A node may be reached from multiple directions. The shortest path to any given node may be identified by the link-end at that node with the lowest labeled distance from the origin. Since destinations in traffic networks typically do not have turn penalties, the shortest path is unambiguous. U-turns are permissible. They may be prohibited with a large U-turn penalty.

As with the Dijkstra algorithm there are two instances where tie breaking may be necessary. First, if there are two link-ends that have temporary labels which are tied for shortest, then only one of these can be made permanent at a given iteration in the algorithm. This tie may be broken arbitrarily, with the solution remaining unique. Second, if a link-end can be reached from two different directions with the exact same distance from the origin, paths are not unique. Such ties must be broken by rule, so that the path building process can at least be replicated. Fortunately, ties are rare in capacitated traffic networks, once travel time recalculation has begun.

As with the Dijkstra algorithm, paths can be traced in reverse by working from the destination link-end to the origin link-end, following the trail of back link-ends.

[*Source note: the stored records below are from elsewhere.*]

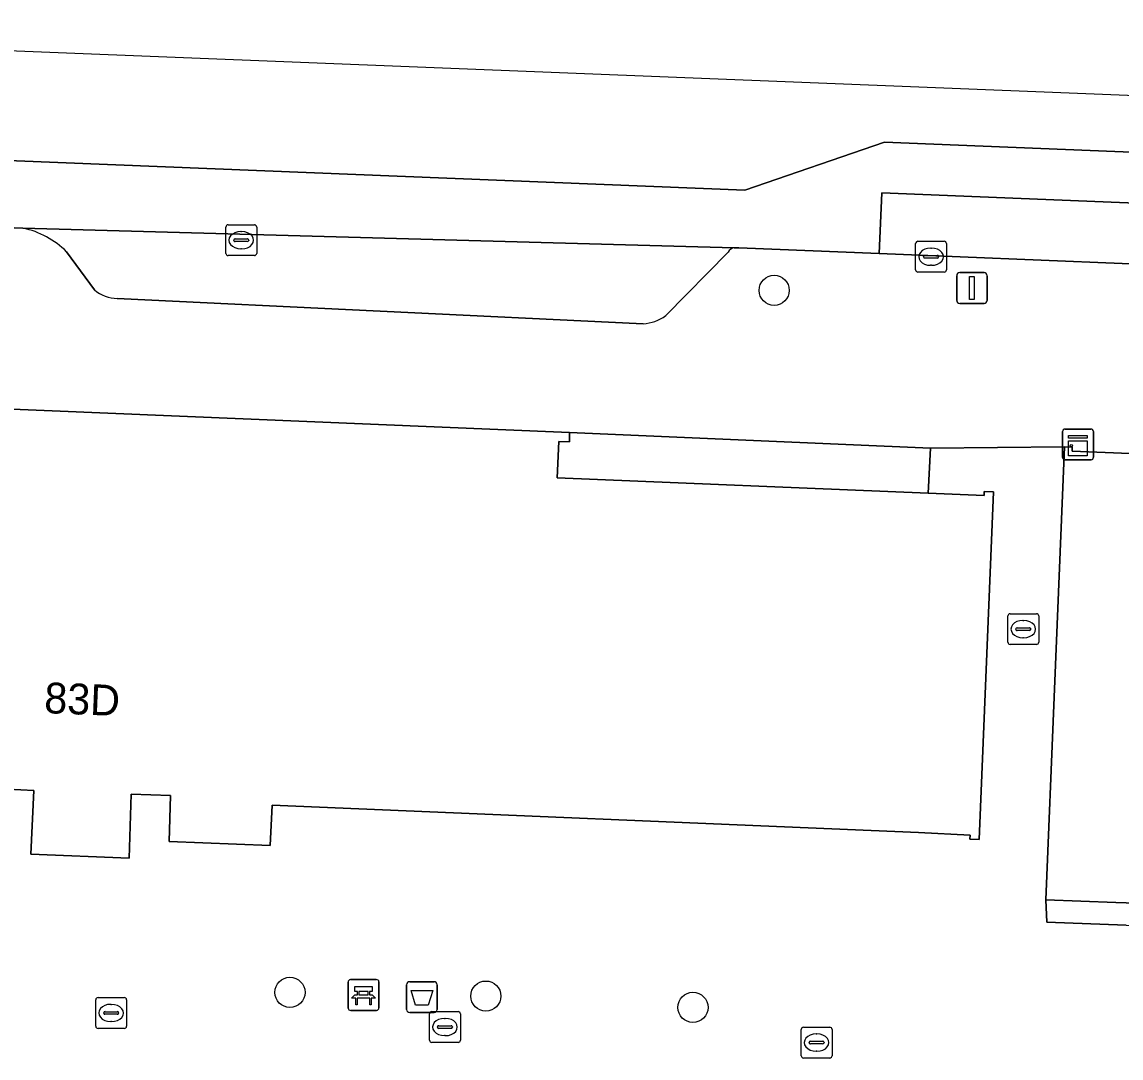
# Model space of a CAD drawing. Extents: x 160888 to 161385, y 386490 to 386908.
# Drawn here: x 161012.2 to 161047.88, y 386874.17 to 386907.8 of the extents above; entities that cross this region are included whole.
import ezdxf

# ---------------------------------------------------------------- set-up
doc = ezdxf.new("R2010")
doc.units = 0
for name, color, linetype in [('IMGEO_Afvalbak', 7, 'Continuous'), ('IMGEO_Bank', 7, 'Continuous'), ('IMGEO_Boom', 7, 'Continuous'), ('IMGEO_Kast', 7, 'Continuous'), ('IMGEO_Kolk', 7, 'Continuous'), ('IMGEO_Lichtmast', 7, 'Continuous'), ('IMGEO_Pand', 7, 'Continuous'), ('IMGEO_Pand_nummerreeks', 7, 'Continuous'), ('IMGEO_Parkeervlak_gesloten', 7, 'Continuous'), ('IMGEO_Parkeervlak_open', 7, 'Continuous'), ('IMGEO_Rijbaan_lokaal_gesloten', 7, 'Continuous'), ('IMGEO_Voetpad_open', 7, 'Continuous')]:
    doc.layers.add(name, color=color, linetype=linetype)

msp = doc.modelspace()

# ---------------------------------------------------------------- linework, layer by layer
at = {"layer": 'IMGEO_Afvalbak'}
for p, q in [((161024.689, 386875.746), (161024.689, 386876.546)), ((161024.689, 386876.546), (161024.689, 386875.746)), ((161024.789, 386876.646), (161025.579, 386876.646)), ((161025.579, 386876.646), (161024.789, 386876.646)), ((161025.679, 386876.546), (161025.679, 386875.746)), ((161025.679, 386875.746), (161025.679, 386876.546)), ((161025.579, 386875.646), (161024.789, 386875.646)), ((161024.789, 386875.646), (161025.579, 386875.646))]:
    msp.add_line(p, q, dxfattribs=at)
msp.add_lwpolyline([(161024.832, 386876.36), (161025.536, 386876.36), (161025.387, 386875.89), (161024.981, 386875.89), (161024.832, 386876.36)], dxfattribs=at)
for centre, start, end in [((161024.789, 386876.546), 90, 180), ((161024.789, 386876.546), 90, 180), ((161025.579, 386876.546), 0, 90), ((161025.579, 386876.546), 360, 90), ((161024.789, 386875.746), 180, 270), ((161024.789, 386875.746), 180, 270), ((161025.579, 386875.746), 270, 0), ((161025.579, 386875.746), 270, 0)]:
    msp.add_arc(centre, 0.1, start, end, dxfattribs=at)
at = {"layer": 'IMGEO_Bank'}
for p, q in [((161022.79, 386875.792), (161022.79, 386876.633)), ((161022.79, 386876.633), (161022.79, 386875.792)), ((161022.865, 386876.717), (161023.706, 386876.717)), ((161023.706, 386876.717), (161022.865, 386876.717)), ((161023.79, 386876.642), (161023.79, 386875.801)), ((161023.79, 386875.801), (161023.79, 386876.642)), ((161023.099, 386876.223), (161023.099, 386876.329)), ((161023.143, 386876.329), (161023.143, 386876.223)), ((161023.431, 386876.335), (161023.149, 386876.335)), ((161023.149, 386876.217), (161023.431, 386876.217)), ((161023.437, 386876.223), (161023.437, 386876.329)), ((161023.481, 386876.329), (161023.481, 386876.223)), ((161023.487, 386876.115), (161023.094, 386876.115)), ((161023.715, 386875.717), (161022.874, 386875.717)), ((161022.874, 386875.717), (161023.715, 386875.717))]:
    msp.add_line(p, q, dxfattribs=at)
for points in [[(161023.093, 386876.335), (161023.007, 386876.335), (161023.007, 386876.496), (161023.57, 386876.496), (161023.57, 386876.335), (161023.487, 386876.335)], [(161023.037, 386876.115), (161022.895, 386876.115), (161023.007, 386876.217), (161023.093, 386876.217)], [(161023.487, 386876.217), (161023.57, 386876.217), (161023.682, 386876.115), (161023.543, 386876.115)], [(161023.087, 386876.108), (161023.087, 386875.901), (161023.044, 386875.901), (161023.044, 386876.108)], [(161023.537, 386876.108), (161023.537, 386875.901), (161023.493, 386875.901), (161023.493, 386876.108)]]:
    msp.add_lwpolyline(points, dxfattribs=at)
for centre, radius, start, end in [((161022.868, 386876.639), 0.0779, 92.4484, 184.2845), ((161022.868, 386876.639), 0.0779, 92.4484, 184.2845), ((161023.712, 386876.639), 0.0779, 2.4484, 94.2845), ((161023.712, 386876.639), 0.0779, 2.4484, 94.2845), ((161023.092, 386876.328), 0.00671, 2.8957, 87.1043), ((161023.092, 386876.224), 0.00671, 272.8957, 357.1043), ((161023.149, 386876.328), 0.00671, 92.8957, 177.1043), ((161023.149, 386876.224), 0.00671, 182.8957, 267.1043), ((161023.431, 386876.328), 0.00671, 2.8957, 87.1043), ((161023.431, 386876.224), 0.00671, 272.8957, 357.1043), ((161023.488, 386876.328), 0.00671, 92.8957, 177.1043), ((161023.488, 386876.224), 0.00671, 182.8957, 267.1043), ((161022.868, 386875.795), 0.0779, 182.4484, 274.2845), ((161022.868, 386875.795), 0.0779, 182.4484, 274.2845), ((161023.037, 386876.108), 0.00671, 2.8957, 87.1043), ((161023.094, 386876.108), 0.00671, 92.8957, 177.1043), ((161023.486, 386876.108), 0.00671, 2.8957, 87.1043), ((161023.543, 386876.108), 0.00671, 92.8957, 177.1043), ((161023.712, 386875.795), 0.0779, 272.4484, 4.2845), ((161023.712, 386875.795), 0.0779, 272.4484, 4.2845)]:
    msp.add_arc(centre, radius, start, end, dxfattribs=at)
at = {"layer": 'IMGEO_Boom'}
for centre in [(161036.621, 386899.089), (161020.902, 386876.302), (161027.261, 386876.181), (161033.985, 386875.814)]:
    msp.add_circle(centre, 0.489, dxfattribs=at)
at = {"layer": 'IMGEO_Kast'}
for p, q in [((161045.986, 386893.662), (161045.986, 386894.503)), ((161045.986, 386894.503), (161045.986, 386893.662)), ((161046.061, 386894.587), (161046.902, 386894.587)), ((161046.902, 386894.587), (161046.061, 386894.587)), ((161046.986, 386894.512), (161046.986, 386893.671)), ((161046.986, 386893.671), (161046.986, 386894.512)), ((161046.911, 386893.587), (161046.07, 386893.587)), ((161046.07, 386893.587), (161046.911, 386893.587))]:
    msp.add_line(p, q, dxfattribs=at)
for points in [[(161046.181, 386894.377), (161046.781, 386894.377), (161046.781, 386894.292), (161046.181, 386894.292), (161046.181, 386894.377)], [(161046.181, 386894.202), (161046.781, 386894.202), (161046.781, 386893.713), (161046.181, 386893.713), (161046.181, 386894.202)]]:
    msp.add_lwpolyline(points, dxfattribs=at)
msp.add_circle((161046.265, 386894.051), 0.0377, dxfattribs=at)
for centre, start, end in [((161046.064, 386894.509), 92.4484, 184.2845), ((161046.064, 386894.509), 92.4484, 184.2845), ((161046.908, 386894.509), 2.4484, 94.2845), ((161046.908, 386894.509), 2.4484, 94.2845), ((161046.064, 386893.665), 182.4484, 274.2845), ((161046.064, 386893.665), 182.4484, 274.2845), ((161046.908, 386893.665), 272.4484, 4.2845), ((161046.908, 386893.665), 272.4484, 4.2845)]:
    msp.add_arc(centre, 0.0779, start, end, dxfattribs=at)
at = {"layer": 'IMGEO_Kolk'}
for p, q in [((161018.821, 386900.29), (161018.821, 386901.142)), ((161018.896, 386901.216), (161019.748, 386901.216)), ((161019.822, 386901.142), (161019.822, 386900.29)), ((161019.123, 386900.759), (161019.521, 386900.759)), ((161019.309, 386900.996), (161019.334, 386900.996)), ((161019.08, 386900.71), (161019.08, 386900.722)), ((161019.518, 386900.673), (161019.12, 386900.673)), ((161019.332, 386900.436), (161019.307, 386900.436)), ((161019.564, 386900.722), (161019.564, 386900.71)), ((161041.214, 386899.755), (161041.214, 386900.607)), ((161041.289, 386900.681), (161042.141, 386900.681)), ((161041.702, 386900.461), (161041.727, 386900.461)), ((161042.215, 386900.607), (161042.215, 386899.755)), ((161019.748, 386900.216), (161018.896, 386900.216)), ((161041.473, 386900.175), (161041.473, 386900.187)), ((161041.911, 386900.138), (161041.513, 386900.138)), ((161041.516, 386900.224), (161041.914, 386900.224)), ((161041.957, 386900.187), (161041.957, 386900.175)), ((161041.725, 386899.901), (161041.7, 386899.901)), ((161042.141, 386899.681), (161041.289, 386899.681)), ((161044.208, 386887.667), (161044.208, 386888.519)), ((161044.283, 386888.593), (161045.135, 386888.593)), ((161044.696, 386888.373), (161044.721, 386888.373)), ((161045.209, 386888.519), (161045.209, 386887.667)), ((161044.467, 386888.087), (161044.467, 386888.099)), ((161044.905, 386888.05), (161044.507, 386888.05)), ((161044.51, 386888.136), (161044.908, 386888.136)), ((161044.951, 386888.099), (161044.951, 386888.087)), ((161045.135, 386887.593), (161044.283, 386887.593)), ((161044.719, 386887.813), (161044.694, 386887.813)), ((161014.597, 386875.206), (161014.597, 386876.058)), ((161014.672, 386876.132), (161015.524, 386876.132)), ((161015.085, 386875.912), (161015.11, 386875.912)), ((161015.598, 386876.058), (161015.598, 386875.206)), ((161014.856, 386875.626), (161014.856, 386875.638)), ((161015.294, 386875.589), (161014.896, 386875.589)), ((161014.899, 386875.675), (161015.297, 386875.675)), ((161015.34, 386875.638), (161015.34, 386875.626)), ((161025.433, 386874.751), (161025.433, 386875.603)), ((161025.508, 386875.677), (161026.36, 386875.677)), ((161025.921, 386875.457), (161025.946, 386875.457)), ((161026.434, 386875.603), (161026.434, 386874.751)), ((161015.524, 386875.132), (161014.672, 386875.132)), ((161015.108, 386875.352), (161015.083, 386875.352)), ((161025.692, 386875.171), (161025.692, 386875.183)), ((161026.13, 386875.134), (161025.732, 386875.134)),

The algorithm completes in a finite number of iterations.

Vine building is slower than tree building by the ratio of the number of link-ends to the number of nodes. For most urban networks this ratio is approximately 3. The storage requirements for the back link-end table is also approximately 3 times larger than the storage requirements for a back node table.

A vine building algorithm uses comparatively little RAM, but is highly computational. Most 4-step models will spend a majority of their computation time in vine building. Therefore, it is very important to use excellent programming techniques when coding vine building algorithms.


The figure below shows the distances for the example network. For simplicity the distances have been set to be the same in both directions of a link; this is not a requirement of the algorithm. The units of distance are minutes. There is one left turn penalty of 3 minutes at node N3.

Figure 2. Distances and turn penalty for the simple network

Step 0. Link-end E0b is permanently labeled as (0, blank).

Iteration 1:

Step 1. Apply temporary labels to the neighbor link-ends, E1b, E4b, and E5b. Since there are no turn penalties at the origin, by definition, the hop value is 0 and the jump value is the link distance in each case. So the new temporary labels are:

E1b – (10, E0b)

E4b – (7, E0b)

E5b – (11, E0b)

Step 2. E4b is closest to the origin of all temporary labels, so make it permanent. Not finished, so continue.

Iteration 2:

Step 1. Add or update all temporary labels for neighboring link-ends to E4b. These neighbors are E5a, E8b, E6b, and E7a. E5a involves a U-turn. E7a involves the penalized turn and its distance is the sum of 7 (from E4b) and 3 (from the left turn) and 5 (from link L7). So the newest temporary labels are:

E5a – (14, E4b)

E6b – (15, E4b)

E7a – (15, E4b)

E8b – (13, E4b)

Step 2. E1b is closest to the origin of all temporary labels, so make it permanent. Not finished, so continue.

Subsequent iterations:

The algorithm continues until all link-ends have been permanently labeled.


  1. R. F. Kirby, R. B. Potts, “The minimum route problem for networks with turn penalties and prohibitions,” Transportation Research 3, 397-408 (1969).